Ambos son además regímenes que, dentro del Islam, atizan el fuego del sectarismo en Medio Oriente. Allí radica la principal distinción entre Al Nimr y el gobierno iraní: a diferencia de este último, Al Nimr también defendía los derechos humanos de los sunníes sirios víctimas del régimen de Bashar Al Assad. En el caso saudí, la instigación sectaria (en contra de los musulmanes chiíes), es absolutamente explícita (vea, por ejemplo, el documental de la BBC "Freedom to Broadcast Hate").

El caso iraní es diferente: dado que apela a una minoría dentro del Islam (los musulmanes chiíes), su prédica no enfatiza la religión, sino en el hecho (absolutamente real) de que se trata de una minoría discriminada e incluso reprimida cuando se organiza para exigir derechos. Pero a su vez la discriminación y represión que el régimen iraní ejerce en nombre de una religión oficial (por ejemplo, contra la minoría Bahai) demuestra que su motivación no es el libre ejercicio de la religión o de los derechos ciudadanos.

Es decir, la definición de la lealtad política con base en las diferencias religiosas no es un fenómeno natural: de no mediar la discriminación secular contra los chiíes y la apelación a las diferencias religiosas por parte de potencias regionales, esas diferencias podrían perder peso relativo como fuente de lealtad política.

En Medio Oriente, grupos nacionales o religiosos víctimas de discriminación (como kurdos o chiíes, respectivamente) solían priorizar su condición socio-económica como fuente de lealtad política, lo cual los llevó a respaldar en considerable proporción organizaciones seculares de izquierda (como ocurre aún hoy entre la mayoría de los kurdos en Siria y Turquía). Pero gobiernos sucesivos de países como Egipto, Estados Unidos o Israel toleraron o auspiciaron grupos islamistas en lugares como El Cairo, Helmand o Gaza, siempre y cuando contribuyeran a derrotar a fuerzas seculares de izquierda. Y los islamistas fueron tan eficaces en esa tarea, que se convirtieron en el nuevo rival a derrotar para esos gobiernos (lea por ejemplo los testimonios de oficiales israelíes contenidos en el artículo de Andrew Higgins, "How Israel Helped to Spawm Hamas", en The Wall Street Journal).

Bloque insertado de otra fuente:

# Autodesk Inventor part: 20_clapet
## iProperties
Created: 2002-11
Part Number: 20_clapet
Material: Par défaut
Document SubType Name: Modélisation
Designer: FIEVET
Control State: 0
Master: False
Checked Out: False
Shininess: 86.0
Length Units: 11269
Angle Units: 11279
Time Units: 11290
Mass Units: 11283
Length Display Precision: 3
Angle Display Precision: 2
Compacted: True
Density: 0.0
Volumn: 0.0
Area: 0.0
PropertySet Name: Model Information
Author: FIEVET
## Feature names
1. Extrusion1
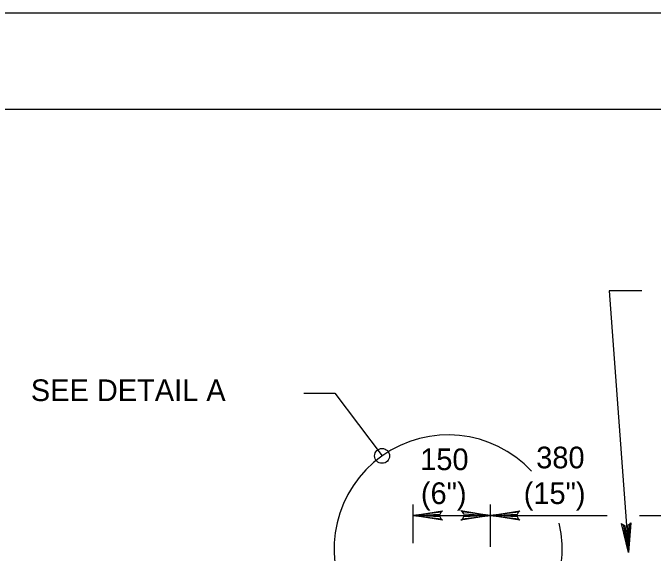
# Model space of a CAD drawing. Extents: x 638447 to 639352, y 298406 to 299000.
# Drawn here: x 638649.1 to 638748.4, y 298916.6 to 299000.5 of the extents above; entities that cross this region are included whole.
import ezdxf

# ---------------------------------------------------------------- set-up
doc = ezdxf.new("R2010")
doc.units = 0
for name, color, linetype in [('1', 7, 'Continuous'), ('2', 7, 'Continuous'), ('3', 7, 'Continuous'), ('PLT-BNDY', 7, 'Continuous')]:
    doc.layers.add(name, color=color, linetype=linetype)

msp = doc.modelspace()

# ---------------------------------------------------------------- linework, layer by layer
at = {"layer": '1'}
msp.add_lwpolyline([(639272.394625, 298421.4725), (639272.394625, 298985.4725), (638486.394625, 298985.4725), (638486.394625, 298421.4725), (639272.394625, 298421.4725), (639272.394625, 298447.8315), (639072.394625, 298447.8315), (639072.394625, 298512.509), (639272.394625, 298512.509), (639272.394625, 298541.4725), (639072.394625, 298541.4725), (639072.394625, 298421.4725), (639151.196125, 298421.4725), (639151.196125, 298447.8315), (639151.196125, 298421.4725), (639228.196125, 298421.4725), (639228.196125, 298447.8315), (639228.196125, 298435.515), (639272.394625, 298435.515)], dxfattribs=at)
msp.add_circle((638706.366591, 298931.729238), 1.154176, dxfattribs=at)
at = {"layer": '2'}
for p, q in [((638746.651125, 298957.3195), (638741.563625, 298957.3195)), ((638741.563625, 298957.3195), (638744.566625, 298916.724)), ((638711.164375, 298918.192), (638711.164375, 298924.178)), ((638723.164375, 298917.634), (638723.164375, 298924.178)), ((638711.164375, 298922.498), (638723.164375, 298922.498)), ((638723.164375, 298922.498), (638741.287875, 298922.498)), ((638746.271125, 298922.498), (638750.650125, 298922.498))]:
    msp.add_line(p, q, dxfattribs=at)
for points in [[(638694.251625, 298941.46125), (638699.051625, 298941.46125), (638706.366625, 298931.72925)], [(638715.524375, 298921.952), (638715.360375, 298922.266), (638711.164375, 298922.498), (638715.524375, 298921.952), (638715.746375, 298921.76), (638711.164375, 298922.498), (638715.358375, 298922.706), (638715.510375, 298923.018), (638711.164375, 298922.498), (638715.746375, 298923.226), (638715.510375, 298923.018)], [(638718.804375, 298923.046), (638718.968375, 298922.73), (638723.164375, 298922.498), (638718.804375, 298923.046), (638718.582375, 298923.236), (638723.164375, 298922.498), (638718.970375, 298922.29), (638718.818375, 298921.978), (638723.164375, 298922.498), (638718.582375, 298921.77), (638718.818375, 298921.978)], [(638727.524375, 298921.952), (638727.360375, 298922.266), (638723.164375, 298922.498), (638727.524375, 298921.952), (638727.746375, 298921.76), (638723.164375, 298922.498), (638727.358375, 298922.706), (638727.510375, 298923.018), (638723.164375, 298922.498), (638727.746375, 298923.226), (638727.510375, 298923.018)], [(638744.790625, 298921.112), (638744.486625, 298920.926), (638744.566625, 298916.724), (638744.790625, 298921.112), (638744.964625, 298921.35), (638744.566625, 298916.724), (638744.050625, 298920.892), (638743.726625, 298921.02), (638744.566625, 298916.724), (638743.502625, 298921.24), (638743.726625, 298921.02)]]:
    msp.add_lwpolyline(points, dxfattribs=at)
msp.add_arc((638716.603191, 298917.290438), 17.699271, 42.96051944, 13.03968056, dxfattribs=at)
at = {"layer": 'PLT-BNDY'}
msp.add_lwpolyline([(638447.394625, 299000.4725), (639288.394625, 299000.4725), (639288.394625, 298406.4725), (638447.394625, 298406.4725)], close=True, dxfattribs=at)

# ---------------------------------------------------------------- texts
at = {"layer": '1'}
for s, p in [('(6")', (638712.382875, 298924.2585)), ('(15")', (638728.328625, 298924.25875))]:
    msp.add_text(s, height=3.36, dxfattribs=at).set_placement(p)
at = {"layer": '3'}
for s, p in [('SEE DETAIL A', (638651.890875, 298940.23325)), ('150', (638712.277625, 298929.51525)), ('380', (638730.269125, 298929.79825))]:
    msp.add_text(s, height=3.36, dxfattribs=at).set_placement(p)

doc.saveas('drawing.dxf')

Cuando en forma reciente se le preguntó a un vocero del Departamento de Estado por qué había que creer en la iniciativa de paz que proponen ahora en Siria las potencias que atizaron el conflicto, su respuesta fue de una honestidad brutal: entre los millones de refugiados, el vacío de poder regional que ocupó el Estado Islámico y los atentados terroristas fuera de la región, quedaba claro que las guerras en Siria e Irak se habían convertido en un vórtice demencial en el que perdían todos los instigadores. Por eso tenían incentivos para ponerles fin. La conducta reciente del régimen iraní (por ejemplo, la suscripción del tratado para limitar su industria nuclear), sugiere que comparte esa lógica. La conducta del régimen saudí sugiere en cambio que este seguirá sembrando vientos, sin parar mientes en las tempestades que lo rodean. El temor a lo que eso pueda implicar tal vez sea la razón por la que la inteligencia alemana filtró un memorándum en el que acusa al Ministro de Defensa saudí (el príncipe Mohamed Bin Salmán), de haber dado inicio a "una impulsiva política de intervenciones", y que al intentar fortalecer su posición "en la línea de sucesión mientras su padre aún vive, podría extralimitarse" (Mohamed es hijo del rey Salmán Bin Abdulaziz).    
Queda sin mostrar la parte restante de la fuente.